# Endurance Riding...how to?



## Kiara (Aug 27, 2008)

How would you find a good endurance riding instructor? Do you know of any? (especially in the San Antonio area?) Are there other ways you have learned endurance riding?
I have never done it but I would really love to do it. I just don't know where and how to start. 
Thanks!


----------



## appylover31803 (Sep 18, 2007)

I know of an endurance rider/instructor/trainer. But she's in PA.
She has a bunch of gaited breeds that she takes on competitions. I think it's really cool.

I would see if there's an endurance club or something and ask them.


----------



## Painted Horse (Dec 29, 2006)

ALL endurance rides needs Volunteers. Go volunter for a ride in your area. Those folks will take you under their wing. At least in my area, I have found endurance and CTR riders will always very very helpful for newbys. 
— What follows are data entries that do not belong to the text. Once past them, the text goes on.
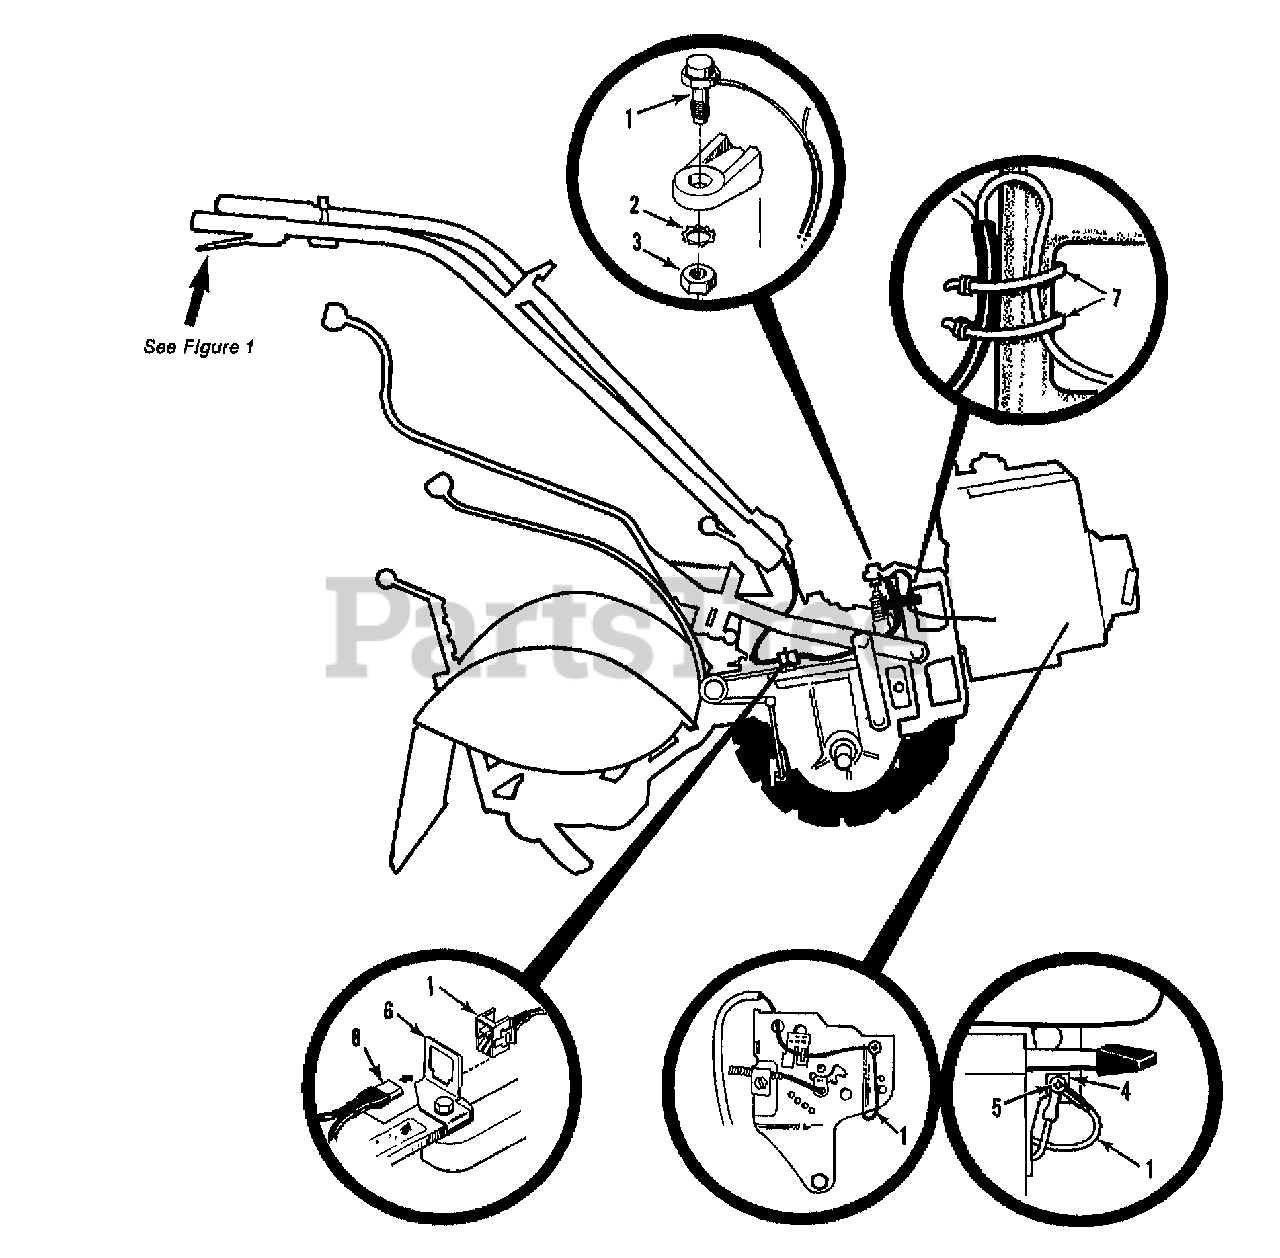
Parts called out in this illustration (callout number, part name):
1	HARNESS-WIRE ENG OPC
2	WASHER-LK .438 EXT TOOTH
3	NUT-HEX/JAM 7/16-20
4	GROMMET-7 T/L & 8 KOH OPC
5	SCR #8-18 SELF TAP
6	CLIP-CONNECTOR
7	TIE-RED
8	HARNESS-WIRE OPC HORSE
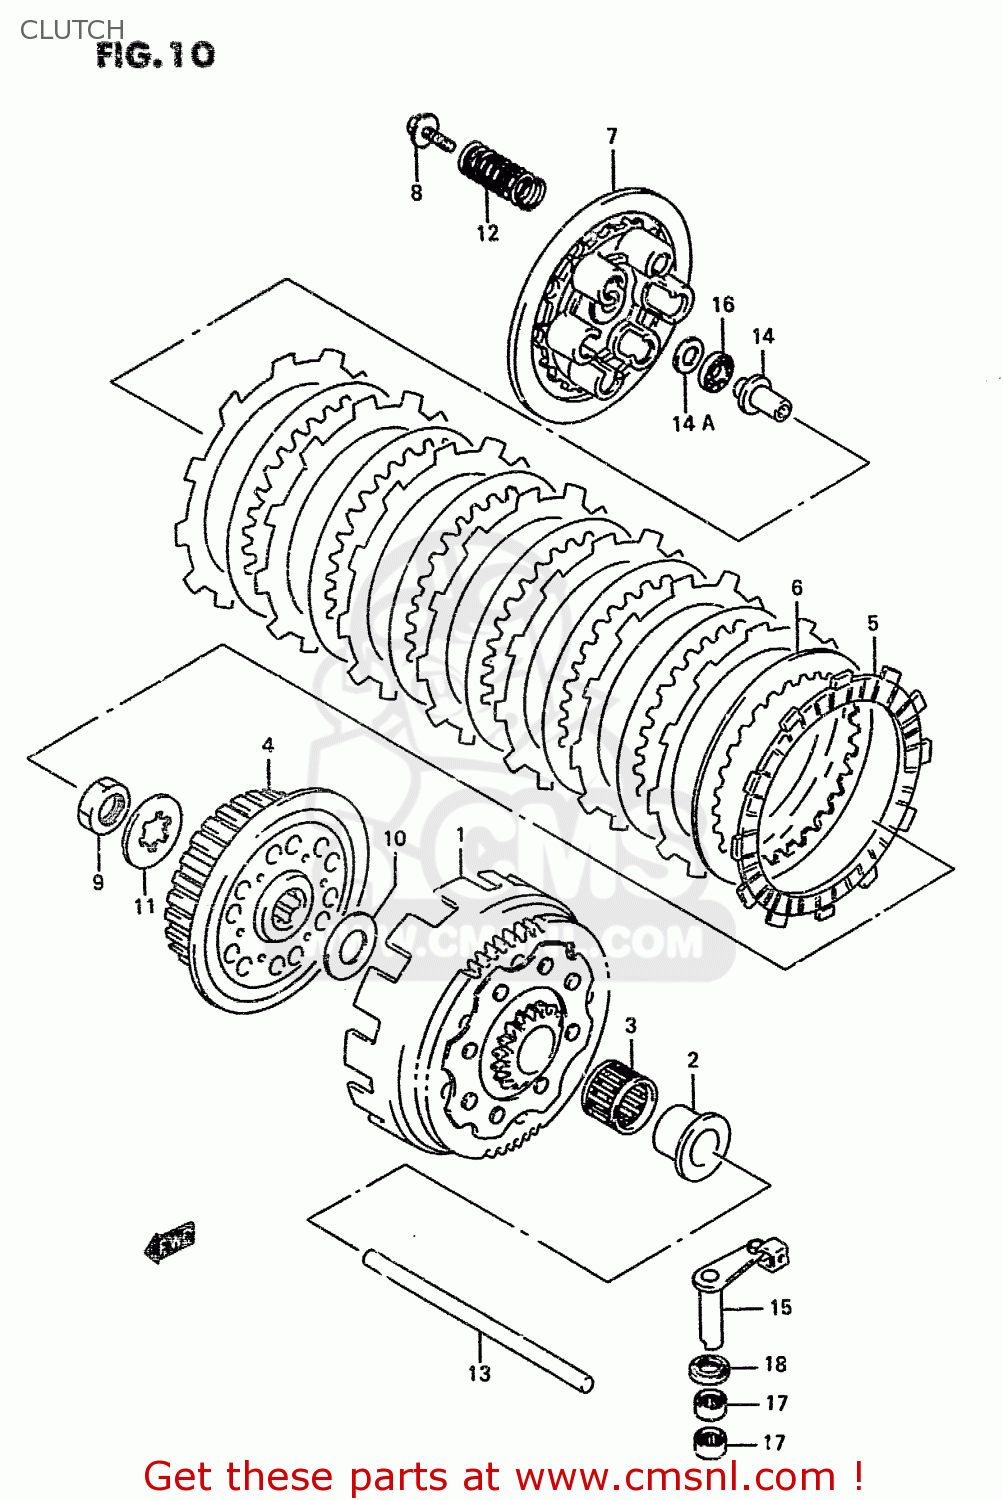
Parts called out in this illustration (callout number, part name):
1	GEAR ASSEMBLY,PRIMARY DRIVE
2	SPACER,PRIMARY DRIVEN
3	BEARING(29X34X27)
4	HUB,CLUTCH SLEEVE
5	PLATE,CLUTCH DRIVE
6	PLATE,CLUTCH DRIVEN
7	DISC,CLUTCH PRESSURE
8	BOLT(5X25)
9	NUT
10	WASHER(22X38X2)
11	WASHER,LOCK
12	SPRING
13	ROD,CLUTCH PUSH
14	PIECE,CLUTCH PUSH
14A	SHIM(10X20X0.5)
15	CAMSHAFT COMP,CLUTCH RELEASE
16	BEARING(10X22X2.8)
17	BEARING(12X16X10)
18	SEAL,OIL(12X19X5)

Check the calendar on AERC website for ride dates


----------



## Horse Poor (Aug 20, 2008)

Just about everything you need to know is here at AERC.org - their mentor page is under the "Education" drop down menu...there are several listed for Texas.


----------



## Kiara (Aug 27, 2008)

Thanks guys  I checked out the sources and I think I'll get all the info I'll want  Thanks again!


----------